La niña que no se reconocía en el espejo
A los 12 años, Bettina Brentano, al poco de regresar del convento de Fritzlar a su casa -es decir, a la de su abuela materna, que la había acogido tras la muerte de sus padres-, se mira un día casualmente al espejo, en la habitación donde se encuentra reunida la familia. Ve a la abuela, a sus hermanas y 'una cara pálida, cuyos ojos escrutaban la imagen reflejada', escribió Leonello Vincenti en un viejo libro de 1928 que sigue siendo esencial. A Bettina le cuesta reconocer su propio rostro. En sí misma, no es una experiencia excepcional; la fisonomía de los demás, de las personas próximas a nosotros, siempre nos resulta más familiar que la nuestra, que a menudo nos parece extraña, ajena. Más por la genialidad de su espíritu que como escritora romántica, Bettina hace de ese sentimiento de propia ajenidad -por lo demás, un sentimiento común y corriente; todos lo tenemos, al menos en ciertos momentos- una clave de su personalidad enigmática e indefinible, un autocomplaciente código de su propio misterio como criatura elemental y, por tanto, como la naturaleza, insondable tanto para los demás como para ella.

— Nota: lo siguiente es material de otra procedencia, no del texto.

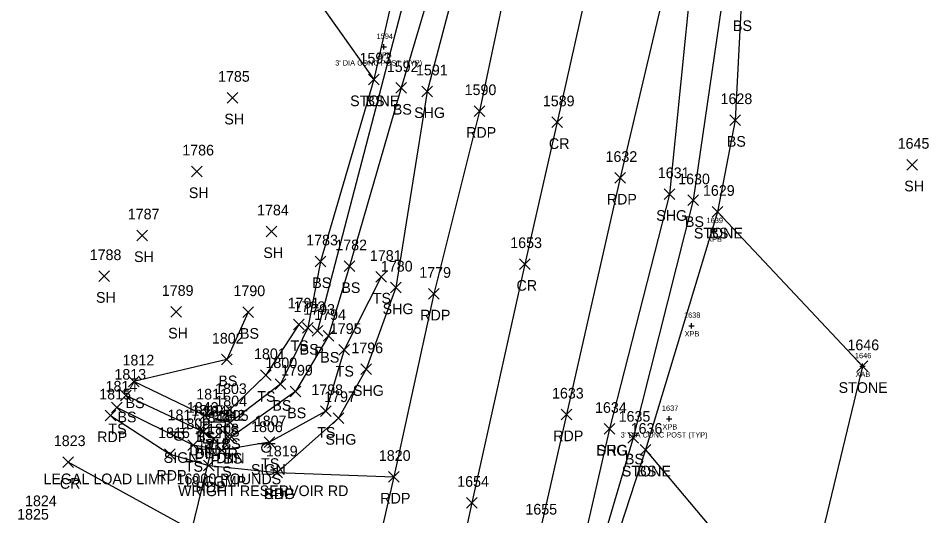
# Model space of a CAD drawing. Extents: x 1678863 to 1683592, y 407783 to 418211.
# Drawn here: x 1681135.7 to 1681306.5, y 417108.9 to 417202.2 of the extents above; entities that cross this region are included whole.
import ezdxf

# ---------------------------------------------------------------- set-up
doc = ezdxf.new("R2010")
doc.units = 0
for name, color, linetype in [('B_A', 7, 'Continuous'), ('B_C', 7, 'Continuous'), ('B_I', 7, 'Continuous'), ('B_TIC', 7, 'Continuous'), ('BSUBM', 7, 'Continuous'), ('D_A', 7, 'Continuous'), ('D_C', 7, 'Continuous'), ('D_I', 7, 'Continuous'), ('D_TIC', 7, 'Continuous'), ('DCP', 7, 'Continuous'), ('DS', 7, 'Continuous'), ('L_A', 7, 'Continuous'), ('L_I', 7, 'Continuous'), ('L_TIC', 7, 'Continuous'), ('LASF', 7, 'Continuous'), ('LELB', 7, 'Continuous'), ('P_A', 7, 'Continuous'), ('P_I', 7, 'Continuous'), ('P_TIC', 7, 'Continuous'), ('PET', 7, 'Continuous'), ('PRC', 7, 'Continuous'), ('PSU', 7, 'Continuous'), ('R_A', 7, 'Continuous'), ('R_I', 7, 'Continuous'), ('R_TIC', 7, 'Continuous'), ('RDG', 7, 'Continuous'), ('S_A', 7, 'Continuous'), ('S_C', 7, 'Continuous'), ('S_I', 7, 'Continuous'), ('SSGN', 7, 'Continuous')]:
    doc.layers.add(name, color=color, linetype=linetype)

msp = doc.modelspace()

# ---------------------------------------------------------------- linework, layer by layer
at = {"layer": 'B_TIC'}
for p, q in [((1681204.28, 417196.83), (1681204.35, 417196.83)), ((1681266.21, 417162.28), (1681266.28, 417162.28)), ((1681261.97, 417144.52), (1681262.05, 417144.52)), ((1681294.06, 417136.94), (1681294.14, 417136.94)), ((1681257.82, 417127.07), (1681257.9, 417127.07))]:
    msp.add_line(p, q, dxfattribs=at)
for points in [[(1681204.28, 417196.33), (1681204.28, 417197.33)], [(1681203.78, 417196.83), (1681204.78, 417196.83)], [(1681266.2, 417161.78), (1681266.2, 417162.78)], [(1681265.7, 417162.28), (1681266.7, 417162.28)], [(1681261.47, 417144.52), (1681262.47, 417144.52)], [(1681261.97, 417144.02), (1681261.97, 417145.02)], [(1681294.06, 417136.44), (1681294.06, 417137.44)], [(1681293.56, 417136.94), (1681294.56, 417136.94)], [(1681257.32, 417127.07), (1681258.32, 417127.07)], [(1681257.82, 417126.57), (1681257.82, 417127.57)]]:
    msp.add_lwpolyline(points, dxfattribs=at)
at = {"layer": 'BSUBM'}
msp.add_lwpolyline([(1681294.06, 417136.94), (1681282.05, 417087.15)], dxfattribs=at)
at = {"layer": 'D_TIC'}
for points in [[(1681190.86, 417142.6), (1681192.86, 417144.6)], [(1681192.86, 417142.6), (1681190.86, 417144.6)], [(1681169.02, 417124.2), (1681171.02, 417126.2)], [(1681171.02, 417124.2), (1681169.02, 417126.2)], [(1681171.4, 417122.33), (1681173.4, 417124.33)], [(1681173.4, 417122.33), (1681171.4, 417124.33)], [(1681174.04, 417122.75), (1681176.04, 417124.75)], [(1681176.04, 417122.75), (1681174.04, 417124.75)]]:
    msp.add_lwpolyline(points, dxfattribs=at)
at = {"layer": 'DCP'}
for points in [[(1681266.09, 417427.61), (1681191.86, 417143.6)], [(1681172.4, 417123.33), (1681162.22, 417081.68)]]:
    msp.add_lwpolyline(points, dxfattribs=at)
at = {"layer": 'DS'}
for p, q in [((1681170.49, 417126.54), (1681174.49, 417126.54)), ((1681170.49, 417122.54), (1681170.5, 417126.54)), ((1681171.49, 417125.54), (1681173.49, 417125.54)), ((1681171.49, 417123.54), (1681171.49, 417125.54)), ((1681173.49, 417125.54), (1681173.49, 417123.54)), ((1681174.49, 417126.54), (1681174.49, 417122.54)), ((1681173.49, 417123.54), (1681171.49, 417123.54)), ((1681172.49, 417124.55), (1681172.49, 417124.55)), ((1681174.49, 417122.54), (1681170.49, 417122.54)), ((1681172.99, 417122.54), (1681173.49, 417122.54))]:
    msp.add_line(p, q, dxfattribs=at)
at = {"layer": 'L_TIC'}
for points in [[(1681201.41, 417189.71), (1681203.41, 417191.71)], [(1681203.41, 417189.71), (1681201.41, 417191.71)], [(1681201.41, 417189.71), (1681203.41, 417191.71)], [(1681203.41, 417189.71), (1681201.41, 417191.71)], [(1681201.41, 417189.71), (1681203.41, 417191.71)], [(1681203.41, 417189.71), (1681201.41, 417191.71)], [(1681206.53, 417188.12), (1681208.53, 417190.12)], [(1681208.53, 417188.12), (1681206.53, 417190.12)], [(1681174.87, 417186.29), (1681176.87, 417188.29)], [(1681176.87, 417186.29), (1681174.87, 417188.29)], [(1681269.19, 417182.1), (1681271.19, 417184.1)], [(1681271.19, 417182.1), (1681269.19, 417184.1)], [(1681302.42, 417173.73), (1681304.42, 417175.73)], [(1681304.42, 417173.73), (1681302.42, 417175.73)], [(1681168.22, 417172.47), (1681170.22, 417174.47)], [(1681170.22, 417172.47), (1681168.22, 417174.47)], [(1681261.33, 417167.06), (1681263.33, 417169.06)], [(1681263.33, 417167.06), (1681261.33, 417169.06)], [(1681265.9, 417164.9), (1681267.9, 417166.9)], [(1681267.9, 417164.9), (1681265.9, 417166.9)], [(1681265.9, 417164.9), (1681267.9, 417166.9)], [(1681267.9, 417164.9), (1681265.9, 417166.9)], [(1681265.9, 417164.9), (1681267.9, 417166.9)], [(1681267.9, 417164.9), (1681265.9, 417166.9)], [(1681182.19, 417161.23), (1681184.19, 417163.23)], [(1681184.19, 417161.23), (1681182.19, 417163.23)], [(1681157.93, 417160.48), (1681159.93, 417162.48)], [(1681159.93, 417160.48), (1681157.93, 417162.48)], [(1681191.41, 417155.6), (1681193.41, 417157.6)], [(1681193.41, 417155.6), (1681191.41, 417157.6)], [(1681196.87, 417154.68), (1681198.87, 417156.68)], [(1681198.87, 417154.68), (1681196.87, 417156.68)], [(1681150.79, 417152.84), (1681152.79, 417154.84)], [(1681152.79, 417152.84), (1681150.79, 417154.84)], [(1681202.8, 417152.7), (1681204.8, 417154.7)], [(1681204.8, 417152.7), (1681202.8, 417154.7)], [(1681164.33, 417146.14), (1681166.33, 417148.14)], [(1681166.33, 417146.14), (1681164.33, 417148.14)], [(1681177.85, 417146.09), (1681179.85, 417148.09)], [(1681179.85, 417146.09), (1681177.85, 417148.09)], [(1681187.36, 417143.77), (1681189.36, 417145.77)], [(1681189.36, 417143.77), (1681187.36, 417145.77)], [(1681189.04, 417143.11), (1681191.04, 417145.11)], [(1681191.04, 417143.11), (1681189.04, 417145.11)], [(1681192.92, 417141.61), (1681194.92, 417143.61)], [(1681194.92, 417141.61), (1681192.92, 417143.61)], [(1681195.84, 417139), (1681197.84, 417141)], [(1681197.84, 417139), (1681195.84, 417141)], [(1681173.8, 417137.19), (1681175.8, 417139.19)], [(1681175.8, 417137.19), (1681173.8, 417139.19)], [(1681293.06, 417135.94), (1681295.06, 417137.94)], [(1681295.06, 417135.94), (1681293.06, 417137.94)], [(1681181.13, 417134.27), (1681183.13, 417136.27)], [(1681183.13, 417134.27), (1681181.13, 417136.27)], [(1681156.39, 417133.08), (1681158.39, 417135.08)], [(1681158.39, 417133.08), (1681156.39, 417135.08)], [(1681156.39, 417133.08), (1681158.39, 417135.08)], [(1681158.39, 417133.08), (1681156.39, 417135.08)], [(1681183.92, 417132.59), (1681185.92, 417134.59)], [(1681185.92, 417132.59), (1681183.92, 417134.59)], [(1681154.87, 417130.42), (1681156.87, 417132.42)], [(1681156.87, 417130.42), (1681154.87, 417132.42)], [(1681186.71, 417131.19), (1681188.71, 417133.19)], [(1681188.71, 417131.19), (1681186.71, 417133.19)], [(1681153.2, 417128.19), (1681155.2, 417130.19)], [(1681155.2, 417128.19), (1681153.2, 417130.19)], [(1681169.65, 417126.7), (1681171.65, 417128.7)], [(1681171.65, 417126.7), (1681169.65, 417128.7)], [(1681169.65, 417126.7), (1681171.65, 417128.7)], [(1681171.65, 417126.7), (1681169.65, 417128.7)], [(1681174.39, 417127.73), (1681176.39, 417129.73)], [(1681176.39, 417127.73), (1681174.39, 417129.73)], [(1681192.37, 417127.53), (1681194.37, 417129.53)], [(1681194.37, 417127.53), (1681192.37, 417129.53)], [(1681174.44, 417125.41), (1681176.44, 417127.41)], [(1681176.44, 417125.41), (1681174.44, 417127.41)], [(1681169.39, 417123.66), (1681171.39, 417125.66)], [(1681171.39, 417123.66), (1681169.39, 417125.66)], [(1681174.73, 417122.68), (1681176.73, 417124.68)], [(1681176.73, 417122.68), (1681174.73, 417124.68)], [(1681181.84, 417121.68), (1681183.84, 417123.68)], [(1681183.84, 417121.68), (1681181.84, 417123.68)], [(1681250.07, 417122.54), (1681252.07, 417124.54)], [(1681252.07, 417122.54), (1681250.07, 417124.54)], [(1681167.54, 417121.15), (1681169.54, 417123.15)], [(1681169.54, 417121.15), (1681167.54, 417123.15)], [(1681172.92, 417120.17), (1681174.92, 417122.17)], [(1681174.92, 417120.17), (1681172.92, 417122.17)], [(1681252.39, 417120.27), (1681254.39, 417122.27)], [(1681254.39, 417120.27), (1681252.39, 417122.27)], [(1681252.39, 417120.27), (1681254.39, 417122.27)], [(1681254.39, 417120.27), (1681252.39, 417122.27)]]:
    msp.add_lwpolyline(points, dxfattribs=at)
at = {"layer": 'LASF'}
for points in [[(1681186.82, 417285.85), (1681214.95, 417246.15), (1681202.41, 417190.71)], [(1681173.66, 417231.26), (1681202.41, 417190.71)], [(1681266.9, 417165.9), (1681253.39, 417121.27), (1681282.05, 417087.15)], [(1681266.9, 417165.9), (1681294.06, 417136.94)]]:
    msp.add_lwpolyline(points, dxfattribs=at)
at = {"layer": 'LELB'}
for points in [[(1681267.31, 417426.03), (1681260.9, 417399.5), (1681249.58, 417358.6), (1681240.31, 417323.2), (1681227.41, 417268.08), (1681222.89, 417241), (1681207.53, 417189.12), (1681197.87, 417155.68), (1681193.92, 417142.61), (1681187.71, 417132.19), (1681175.73, 417123.68)], [(1681297.85, 417329.68), (1681291.32, 417302.9), (1681275.58, 417247.26), (1681268.05, 417207.61), (1681262.33, 417168.06), (1681251.07, 417123.54), (1681244.58, 417101.43), (1681240.76, 417059.34), (1681250.13, 417020.71), (1681268.47, 416984.8), (1681252.76, 416972.51), (1681239.34, 416979.5), (1681254.62, 416956.1)], [(1681278.83, 417245.88), (1681271.33, 417204.8), (1681270.19, 417183.1), (1681266.9, 417165.9)], [(1681202.41, 417190.71), (1681192.41, 417156.6), (1681190.04, 417144.11), (1681184.92, 417133.59), (1681175.44, 417126.41), (1681170.65, 417127.7), (1681157.39, 417134.08)], [(1681203.8, 417153.7), (1681196.84, 417140), (1681193.37, 417128.53), (1681182.84, 417122.68), (1681173.92, 417121.17), (1681168.54, 417122.15), (1681154.2, 417129.19)], [(1681178.85, 417147.09), (1681174.8, 417138.19), (1681157.39, 417134.08)], [(1681188.36, 417144.77), (1681182.13, 417135.27), (1681175.39, 417128.73), (1681170.65, 417127.7)], [(1681170.39, 417124.66), (1681155.87, 417131.42)], [(1681253.39, 417121.27), (1681246.63, 417100.57), (1681244.82, 417058.55), (1681259.87, 417020.87), (1681273.81, 416993.64)]]:
    msp.add_lwpolyline(points, dxfattribs=at)
at = {"layer": 'P_TIC'}
for points in [[(1681211.43, 417187.49), (1681213.43, 417189.49)], [(1681213.43, 417187.49), (1681211.43, 417189.49)], [(1681221.22, 417183.79), (1681223.22, 417185.79)], [(1681223.22, 417183.79), (1681221.22, 417185.79)], [(1681235.81, 417181.69), (1681237.81, 417183.69)], [(1681237.81, 417181.69), (1681235.81, 417183.69)], [(1681247.61, 417171.26), (1681249.61, 417173.26)], [(1681249.61, 417171.26), (1681247.61, 417173.26)], [(1681256.85, 417168.21), (1681258.85, 417170.21)], [(1681258.85, 417168.21), (1681256.85, 417170.21)], [(1681229.74, 417155.1), (1681231.74, 417157.1)], [(1681231.74, 417155.1), (1681229.74, 417157.1)], [(1681205.51, 417150.7), (1681207.51, 417152.7)], [(1681207.51, 417150.7), (1681205.51, 417152.7)], [(1681212.64, 417149.53), (1681214.64, 417151.53)], [(1681214.64, 417149.53), (1681212.64, 417151.53)], [(1681199.94, 417135.38), (1681201.94, 417137.38)], [(1681201.94, 417135.38), (1681199.94, 417137.38)], [(1681152.01, 417126.7), (1681154.01, 417128.7)], [(1681154.01, 417126.7), (1681152.01, 417128.7)], [(1681237.57, 417126.88), (1681239.57, 417128.88)], [(1681239.57, 417126.88), (1681237.57, 417128.88)], [(1681194.79, 417126.22), (1681196.79, 417128.22)], [(1681196.79, 417126.22), (1681194.79, 417128.22)], [(1681245.64, 417124.19), (1681247.64, 417126.19)], [(1681247.64, 417124.19), (1681245.64, 417126.19)], [(1681163.12, 417119.47), (1681165.12, 417121.47)], [(1681165.12, 417119.47), (1681163.12, 417121.47)], [(1681144.07, 417117.96), (1681146.07, 417119.96)], [(1681146.07, 417117.96), (1681144.07, 417119.96)], [(1681170.47, 417117.29), (1681172.47, 417119.29)], [(1681172.47, 417117.29), (1681170.47, 417119.29)], [(1681183.29, 417116.03), (1681185.29, 417118.03)], [(1681185.29, 417116.03), (1681183.29, 417118.03)], [(1681183.29, 417116.03), (1681185.29, 417118.03)], [(1681185.29, 417116.03), (1681183.29, 417118.03)], [(1681205.13, 417115.19), (1681207.13, 417117.19)], [(1681207.13, 417115.19), (1681205.13, 417117.19)], [(1681205.13, 417115.19), (1681207.13, 417117.19)], [(1681207.13, 417115.19), (1681205.13, 417117.19)], [(1681219.79, 417110.33), (1681221.79, 417112.33)], [(1681221.79, 417110.33), (1681219.79, 417112.33)]]:
    msp.add_lwpolyline(points, dxfattribs=at)
at = {"layer": 'PET'}
for points in [[(1681289.83, 417351.74), (1681280.09, 417307.99), (1681266.45, 417249.58), (1681257.87, 417211.51), (1681248.61, 417172.26), (1681238.57, 417127.88), (1681233.58, 417106.12), (1681224.55, 417062.96), (1681216.45, 417027.83), (1681206.93, 416986.8), (1681197.04, 416946.3), (1681188.87, 416910.72), (1681179.13, 416866.45), (1681171.86, 416831.02)], [(1681252.88, 417321.59), (1681240.32, 417264.66), (1681233.23, 417236.85), (1681222.22, 417184.79), (1681213.64, 417150.53), (1681206.13, 417116.19), (1681201, 417093.9), (1681195.63, 417068.54), (1681190.66, 417041.38), (1681183.7, 417006.36), (1681177.25, 416976.71), (1681172.06, 416954.08), (1681169.26, 416939.61), (1681165.32, 416921.98), (1681159.02, 416895.68), (1681153.18, 416868.37), (1681145.34, 416832.84)], [(1681153.01, 417127.7), (1681164.12, 417120.47), (1681171.47, 417118.29), (1681184.29, 417117.03), (1681206.13, 417116.19)]]:
    msp.add_lwpolyline(points, dxfattribs=at)
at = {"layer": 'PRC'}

Siendo ya una viuda de más de sesenta años, ensayó todo un proyecto de educación moral y dominio amoroso con un lector veinteañero. La historia acabó de mala manera
A diferencia de la mayoría de los románticos convertidos en reaccionarios, Bettina combatió por la libertad con un denuedo y ahínco genuinos valiéndose de su inteligencia
Insondable. '¿Quién eres tú,
Bettina?', le preguntaba Karoline von Günderrode, una delicada poeta y su amiga del alma, que se suicidó por culpa de un amor desdichado; su hermano Clemens y Achim von Arnim -el que sería su marido- veían en ella una encarnación de lo maravilloso, de lo mágico; y casi todos los que la conocían hablaban de su encanto pueril y diabólico de ondina: fluida como el agua y tan maliciosamente inocente como la infancia, partícipe -según Ladislao Mittner- de 'una vida infrahumana y de una vida superior, ignota la una y la otra como la de cualquier mortal'. Al igual que algunos niños (y Kind, 'niña', era su autodefinición predilecta, como en el título de su libro más famoso, incluso después de tener siete hijos), Bettina se caracterizaba al mismo tiempo por su irrefrenable espontaneidad, que ella misma ejercitaba, y por la cultivada imposición, manipulación e interpretación de su fascinante encanto natural.
Aparte de esta semblanza, lo cierto es que Bettina es la viva encarnación del Romanticismo, aunque en su familia no era ni la primera ni la mejor dotada para representarlo literariamente ya que, a diferencia de ella, su marido Achim von Arnim y, sobre todo, su hermano Clemens fueron dos grandes poetas románticos. Clemens, aunque tan inquieto, vehemente y vibrante como Bettina, era mucho menos capaz de dominar en la vida esta inquietud sensible y musical; pero en cambio sí sabía dominarla y darle forma en el arte, creando no libros sugestivos y agradables como su hermana, sino verdaderas obras de arte complejas y profundas, especialmente Lieder de una lírica ensimismada y absoluta, tan misteriosa como el oscuro fluir de la vida.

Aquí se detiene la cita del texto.